Disclaimer/Publisher’s Note: The statements, opinions and data contained in all publications are solely those of the individual author(s) and contributor(s) and not of MDPI and/or the editor(s). MDPI and/or the editor(s) disclaim responsibility for any injury to people or property resulting from any ideas, methods, instructions or products referred to in the content.

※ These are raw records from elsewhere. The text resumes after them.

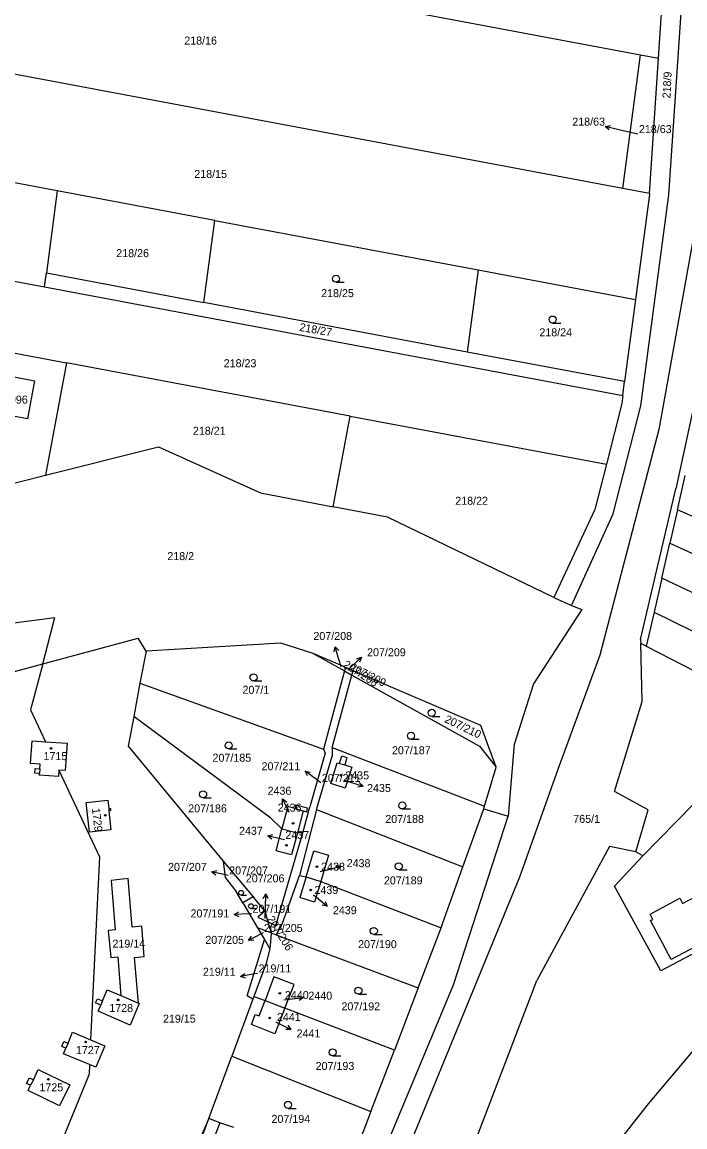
# Model space of a CAD drawing. Extents: x -735249 to -729401, y -1124843 to -1121828.
# Drawn here: x -733671.5 to -733530.7, y -1123483.1 to -1123248.5 of the extents above; entities that cross this region are included whole.
import ezdxf

# ---------------------------------------------------------------- set-up
doc = ezdxf.new("R2010")
doc.units = 0
for name, color, linetype in [('Vrstva 1', 7, 'Continuous'), ('Vrstva 10', 7, 'Continuous'), ('Vrstva 16', 7, 'Continuous'), ('Vrstva 18', 7, 'Continuous'), ('Vrstva 19', 7, 'Continuous'), ('Vrstva 25', 7, 'Continuous'), ('Vrstva 4', 7, 'Continuous')]:
    doc.layers.add(name, color=color, linetype=linetype)

msp = doc.modelspace()

# ---------------------------------------------------------------- linework, layer by layer
at = {"layer": 'Vrstva 1'}
for points in [[(-733736.92, -1123218.48), (-733540.13, -1123255.42)], [(-733536.3, -1123256.14), (-733535.11, -1123238.11)], [(-733534.07, -1123285.18), (-733530.92, -1123238.05)], [(-733543.83, -1123283.81), (-733727.57, -1123249.33)], [(-733543.83, -1123283.81), (-733540.13, -1123255.42)], [(-733540.13, -1123255.42), (-733536.3, -1123256.14)], [(-733538.21, -1123284.87), (-733536.3, -1123256.14)], [(-733664.04, -1123284.33), (-733718.36, -1123274.13)], [(-733664.04, -1123284.33), (-733666.35, -1123301.75)], [(-733630.59, -1123290.61), (-733664.04, -1123284.33)], [(-733538.21, -1123284.87), (-733543.83, -1123283.81)], [(-733538.22, -1123285.05), (-733541.18, -1123307.39)], [(-733540.03, -1123329.93), (-733534.07, -1123285.18)], [(-733538.21, -1123284.87), (-733538.22, -1123285.05)], [(-733632.9, -1123308.03), (-733630.59, -1123290.61)], [(-733630.59, -1123290.61), (-733574.63, -1123301.11)], [(-733520.99, -1123294.03), (-733532.59, -1123347.6)], [(-733710.01, -1123296.6), (-733666.75, -1123304.72)], [(-733666.75, -1123304.72), (-733666.35, -1123301.75)], [(-733666.35, -1123301.75), (-733632.9, -1123308.03)], [(-733574.63, -1123301.11), (-733576.94, -1123318.53)], [(-733574.63, -1123301.11), (-733541.18, -1123307.39)], [(-733666.75, -1123304.72), (-733543.89, -1123327.78)], [(-733576.94, -1123318.53), (-733632.9, -1123308.03)], [(-733541.18, -1123307.39), (-733543.5, -1123324.81)], [(-733702.78, -1123313.18), (-733662.06, -1123320.82)], [(-733543.5, -1123324.81), (-733576.94, -1123318.53)], [(-733662.06, -1123320.82), (-733666.55, -1123344.7)], [(-733601.77, -1123332.14), (-733662.06, -1123320.82)], [(-733674.99, -1123323.44), (-733668.9, -1123324.66), (-733670.38, -1123332.72), (-733676.51, -1123331.56), (-733674.99, -1123323.44)], [(-733543.89, -1123327.78), (-733543.5, -1123324.81)], [(-733544.11, -1123329.44), (-733547.36, -1123342.35)], [(-733545.89, -1123352.88), (-733540.03, -1123329.93)], [(-733543.89, -1123327.78), (-733544.11, -1123329.44)], [(-733605.39, -1123351.42), (-733601.77, -1123332.14)], [(-733601.77, -1123332.14), (-733547.36, -1123342.35)], [(-733666.55, -1123344.7), (-733642.54, -1123338.69)], [(-733642.54, -1123338.69), (-733620.86, -1123348.46)], [(-733547.36, -1123342.35), (-733549.78, -1123351.98)], [(-733687, -1123349.82), (-733666.55, -1123344.7)], [(-733532.26, -1123352.08), (-733530.59, -1123344.79)], [(-733620.86, -1123348.46), (-733605.39, -1123351.42)], [(-733540.08, -1123379.6), (-733532.59, -1123347.6)], [(-733593.86, -1123353.63), (-733605.39, -1123351.42)], [(-733549.78, -1123351.98), (-733558.54, -1123370.66)], [(-733554.78, -1123372.38), (-733545.89, -1123352.88)], [(-733532.26, -1123352.08), (-733533.89, -1123359.16)], [(-733483.93, -1123373.04), (-733532.26, -1123352.08)], [(-733558.54, -1123370.66), (-733593.86, -1123353.63)], [(-733535.59, -1123366.57), (-733533.89, -1123359.16)], [(-733533.89, -1123359.16), (-733485.79, -1123381.01)], [(-733535.59, -1123366.57), (-733537.24, -1123373.77)], [(-733487.7, -1123389.15), (-733535.59, -1123366.57)], [(-733558.54, -1123370.66), (-733554.78, -1123372.38)], [(-733552.6, -1123373.18), (-733562.87, -1123389.01)], [(-733554.78, -1123372.38), (-733552.6, -1123373.18)], [(-733537.24, -1123373.77), (-733538.91, -1123381.02)], [(-733537.24, -1123373.77), (-733489.57, -1123397.16)], [(-733673.24, -1123376.01), (-733664.56, -1123374.88)], [(-733667.14, -1123384.77), (-733664.56, -1123374.88)], [(-733667.14, -1123384.77), (-733646.84, -1123379.28)], [(-733645.17, -1123382.03), (-733646.84, -1123379.28)], [(-733616.54, -1123380.36), (-733645.17, -1123382.03)], [(-733609.7, -1123382.54), (-733616.54, -1123380.36)], [(-733540.08, -1123379.6), (-733540.06, -1123380.46)], [(-733538.91, -1123381.02), (-733540.06, -1123380.46)], [(-733539.76, -1123392.73), (-733540.06, -1123380.46)], [(-733538.91, -1123381.02), (-733491.48, -1123405.34)], [(-733645.17, -1123382.03), (-733646.47, -1123388.87)], [(-733609.7, -1123382.54), (-733603.04, -1123386.25)], [(-733602.84, -1123385.49), (-733609.7, -1123382.54)], [(-733680.02, -1123388.25), (-733667.14, -1123384.77)], [(-733667.14, -1123384.77), (-733669.7, -1123394.55)], [(-733603.04, -1123386.25), (-733607.45, -1123402.89)], [(-733602.84, -1123385.49), (-733603.04, -1123386.25)], [(-733603.04, -1123386.25), (-733601.43, -1123387.15)], [(-733601.17, -1123386.21), (-733602.84, -1123385.49)], [(-733601.43, -1123387.15), (-733601.17, -1123386.21)], [(-733574.03, -1123397.88), (-733601.17, -1123386.21)], [(-733605.65, -1123402.51), (-733601.43, -1123387.15)], [(-733601.43, -1123387.15), (-733574.32, -1123402.24)], [(-733646.47, -1123388.87), (-733647.81, -1123395.96)], [(-733646.47, -1123388.87), (-733607.45, -1123402.89)], [(-733562.87, -1123389.01), (-733566.96, -1123401.86)], [(-733545.62, -1123411.89), (-733539.76, -1123392.73)], [(-733669.7, -1123394.55), (-733666.54, -1123401.28)], [(-733647.81, -1123395.96), (-733649.01, -1123402.27)], [(-733618.66, -1123417.51), (-733647.81, -1123395.96)], [(-733570.75, -1123406.68), (-733574.03, -1123397.88)], [(-733669.72, -1123405.91), (-733669.38, -1123401.08)], [(-733669.38, -1123401.08), (-733666.54, -1123401.28)], [(-733666.54, -1123401.28), (-733661.93, -1123401.61)], [(-733661.93, -1123401.61), (-733662.35, -1123407.43)], [(-733649.01, -1123402.27), (-733628.78, -1123426.64)], [(-733605.65, -1123402.51), (-733605.6, -1123404.35)], [(-733605.65, -1123402.51), (-733573.24, -1123414.96)], [(-733574.32, -1123402.24), (-733570.75, -1123406.68)], [(-733566.96, -1123401.86), (-733568.25, -1123417.12)], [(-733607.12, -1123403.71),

© 2024 by the authors. Licensee MDPI, Basel, Switzerland. This article is an open access article distributed under the terms and conditions of the Creative Commons Attribution (CC BY) license (https://creativecommons.org/licenses/by/4.0/).
Research on the Law of Crack Propagation in Oil Well Fracturing Process (2024)
Top Articles
Latest Posts
Article information

Author: Delena Feil

Last Updated:

Views: 5646

Rating: 4.4 / 5 (65 voted)

Reviews: 88% of readers found this page helpful

Author information

Name: Delena Feil

Birthday: 1998-08-29

Address: 747 Lubowitz Run, Sidmouth, HI 90646-5543

Phone: +99513241752844

Job: Design Supervisor

Hobby: Digital arts, Lacemaking, Air sports, Running, Scouting, Shooting, Puzzles

Introduction: My name is Delena Feil, I am a clean, splendid, calm, fancy, jolly, bright, faithful person who loves writing and wants to share my knowledge and understanding with you.